# Professionelle Grafiklösung?



## greynox (27. Oktober 2010)

Hallo Leute,
ich hab zurzeit eine Radeon HD 4870 in meinem Rechner.
Mich interessiert, ab wann man eine professionelle Grafikkarte kaufen muss.
Ich bezweifle stark das die Radeon ausreicht aber was sagt ihr!

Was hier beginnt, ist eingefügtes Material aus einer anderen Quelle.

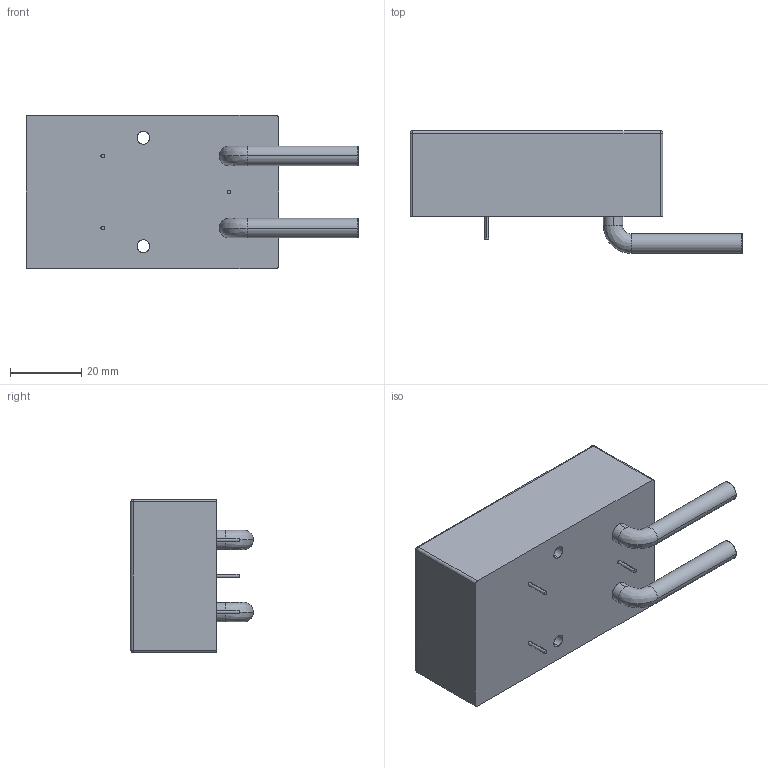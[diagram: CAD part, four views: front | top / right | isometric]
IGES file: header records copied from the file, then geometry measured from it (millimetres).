
Start section: SolidWorks IGES file using analytic representation for surfaces
Global section: file name: C:\Users\asmith\Desktop\~For Darol\Checked .igs Files\F-Series\F70-F80 wCT.IGS; native system: SolidWorks 2017; preprocessor: SolidWorks 2017; author: asmith; date: 171113.100239; units: inch
Bounding box: 93.42 x 34.48 x 43.18 mm (x, y, z)
Surface area: 13542.4 mm2 (no closed solid volume)
Topology: 0 solids, 0 shells, 45 faces, 536 edges, 532 vertices
Faces by surface type: revolution 30, bspline 15

Ich habe vor, wenn ich soweit bin, auch animierte Kurzfilme zu machen.
Wie das hier z.B:
http://www.youtube.com/watch?v=HomAZcKm3Jo
oder das:
http://www.youtube.com/watch?v=Y1vdZIIrY6w


----------



## darkframe (29. Oktober 2010)

Hi,

im Allgemeinen spielt die Grafikkarte für die Videobearbeitung gar keine so große Rolle, aber das kann sich ändern. Zur Zeit hat NVidia die Nase etwas vorn, weil durch deren CUDA-Implementierung mittlerweile Editingprogramme wie Adobe Premiere Pro CS5 und Sony Vegas Pro 10 zum Rendern oder für die Vorschau teilweise die GPU nutzen, was die CPU entlastet und das Ganze beschleunigen soll.

Ansonsten ist m.E. hauptsächlich wichtig, dass Du einen zweiten Monitor anschliessen kannst, weil das beim Schneiden sehr hilfreich ist. Für die "Heimarbeit" reicht meiner Ansicht ansonsten eine halbwegs aktuelle normale Grafikkarte.


----------